**Extracted records**
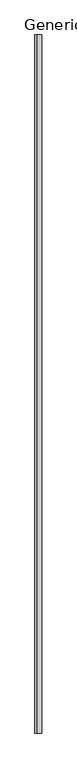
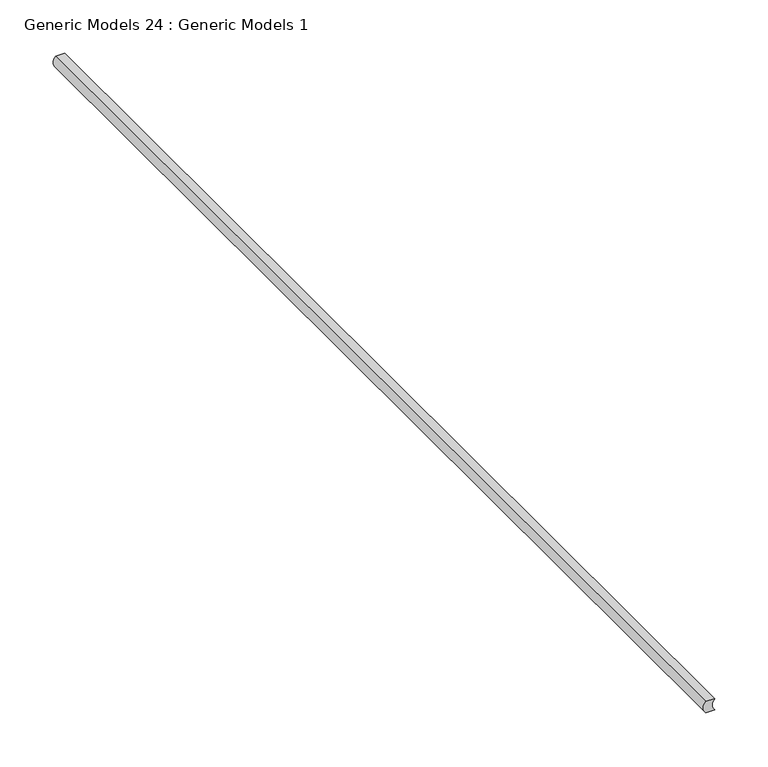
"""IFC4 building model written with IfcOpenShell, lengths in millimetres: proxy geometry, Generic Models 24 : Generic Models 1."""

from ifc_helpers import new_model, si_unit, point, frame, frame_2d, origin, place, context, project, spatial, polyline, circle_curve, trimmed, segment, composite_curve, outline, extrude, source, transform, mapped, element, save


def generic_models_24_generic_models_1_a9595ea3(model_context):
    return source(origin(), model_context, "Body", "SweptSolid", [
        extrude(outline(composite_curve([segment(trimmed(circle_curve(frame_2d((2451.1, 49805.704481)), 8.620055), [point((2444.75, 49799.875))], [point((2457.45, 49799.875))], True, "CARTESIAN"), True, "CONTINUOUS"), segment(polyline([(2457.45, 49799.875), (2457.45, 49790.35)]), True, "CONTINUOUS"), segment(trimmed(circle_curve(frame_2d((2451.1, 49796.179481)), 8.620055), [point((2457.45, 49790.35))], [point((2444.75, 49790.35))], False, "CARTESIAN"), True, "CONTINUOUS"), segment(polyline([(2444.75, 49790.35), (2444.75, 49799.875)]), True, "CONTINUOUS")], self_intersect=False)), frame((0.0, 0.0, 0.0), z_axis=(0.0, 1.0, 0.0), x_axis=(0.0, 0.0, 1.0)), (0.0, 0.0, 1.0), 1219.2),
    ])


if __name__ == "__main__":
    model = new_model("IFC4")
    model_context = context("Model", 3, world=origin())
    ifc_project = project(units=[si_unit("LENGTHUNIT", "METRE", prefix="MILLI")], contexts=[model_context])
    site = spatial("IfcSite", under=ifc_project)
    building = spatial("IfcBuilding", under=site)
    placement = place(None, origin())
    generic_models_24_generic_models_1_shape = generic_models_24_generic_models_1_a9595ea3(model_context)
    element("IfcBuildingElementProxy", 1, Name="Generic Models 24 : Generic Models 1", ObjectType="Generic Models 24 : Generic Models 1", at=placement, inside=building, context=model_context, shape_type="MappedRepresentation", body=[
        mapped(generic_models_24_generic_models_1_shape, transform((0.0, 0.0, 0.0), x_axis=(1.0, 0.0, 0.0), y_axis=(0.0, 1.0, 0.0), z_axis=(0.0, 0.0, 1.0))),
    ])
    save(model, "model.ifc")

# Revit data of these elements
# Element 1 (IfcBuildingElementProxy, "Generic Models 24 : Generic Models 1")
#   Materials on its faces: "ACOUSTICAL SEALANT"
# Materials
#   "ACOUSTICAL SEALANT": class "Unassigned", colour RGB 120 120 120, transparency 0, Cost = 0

**Task description**
Could you print all the entries exactly as they stand, with the pictures left out?

**Answer box**
"""IFC4 building model written with IfcOpenShell, lengths in millimetres: proxy geometry, Generic Models 24 : Generic Models 1."""

from ifc_helpers import new_model, si_unit, point, frame, frame_2d, origin, place, context, project, spatial, polyline, circle_curve, trimmed, segment, composite_curve, outline, extrude, source, transform, mapped, element, save


def generic_models_24_generic_models_1_a9595ea3(model_context):
    return source(origin(), model_context, "Body", "SweptSolid", [
        extrude(outline(composite_curve([segment(trimmed(circle_curve(frame_2d((2451.1, 49805.704481)), 8.620055), [point((2444.75, 49799.875))], [point((2457.45, 49799.875))], True, "CARTESIAN"), True, "CONTINUOUS"), segment(polyline([(2457.45, 49799.875), (2457.45, 49790.35)]), True, "CONTINUOUS"), segment(trimmed(circle_curve(frame_2d((2451.1, 49796.179481)), 8.620055), [point((2457.45, 49790.35))], [point((2444.75, 49790.35))], False, "CARTESIAN"), True, "CONTINUOUS"), segment(polyline([(2444.75, 49790.35), (2444.75, 49799.875)]), True, "CONTINUOUS")], self_intersect=False)), frame((0.0, 0.0, 0.0), z_axis=(0.0, 1.0, 0.0), x_axis=(0.0, 0.0, 1.0)), (0.0, 0.0, 1.0), 1219.2),
    ])


if __name__ == "__main__":
    model = new_model("IFC4")
    model_context = context("Model", 3, world=origin())
    ifc_project = project(units=[si_unit("LENGTHUNIT", "METRE", prefix="MILLI")], contexts=[model_context])
    site = spatial("IfcSite", under=ifc_project)
    building = spatial("IfcBuilding", under=site)
    placement = place(None, origin())
    generic_models_24_generic_models_1_shape = generic_models_24_generic_models_1_a9595ea3(model_context)
    element("IfcBuildingElementProxy", 1, Name="Generic Models 24 : Generic Models 1", ObjectType="Generic Models 24 : Generic Models 1", at=placement, inside=building, context=model_context, shape_type="MappedRepresentation", body=[
        mapped(generic_models_24_generic_models_1_shape, transform((0.0, 0.0, 0.0), x_axis=(1.0, 0.0, 0.0), y_axis=(0.0, 1.0, 0.0), z_axis=(0.0, 0.0, 1.0))),
    ])
    save(model, "model.ifc")

# Revit data of these elements
# Element 1 (IfcBuildingElementProxy, "Generic Models 24 : Generic Models 1")
#   Materials on its faces: "ACOUSTICAL SEALANT"
# Materials
#   "ACOUSTICAL SEALANT": class "Unassigned", colour RGB 120 120 120, transparency 0, Cost = 0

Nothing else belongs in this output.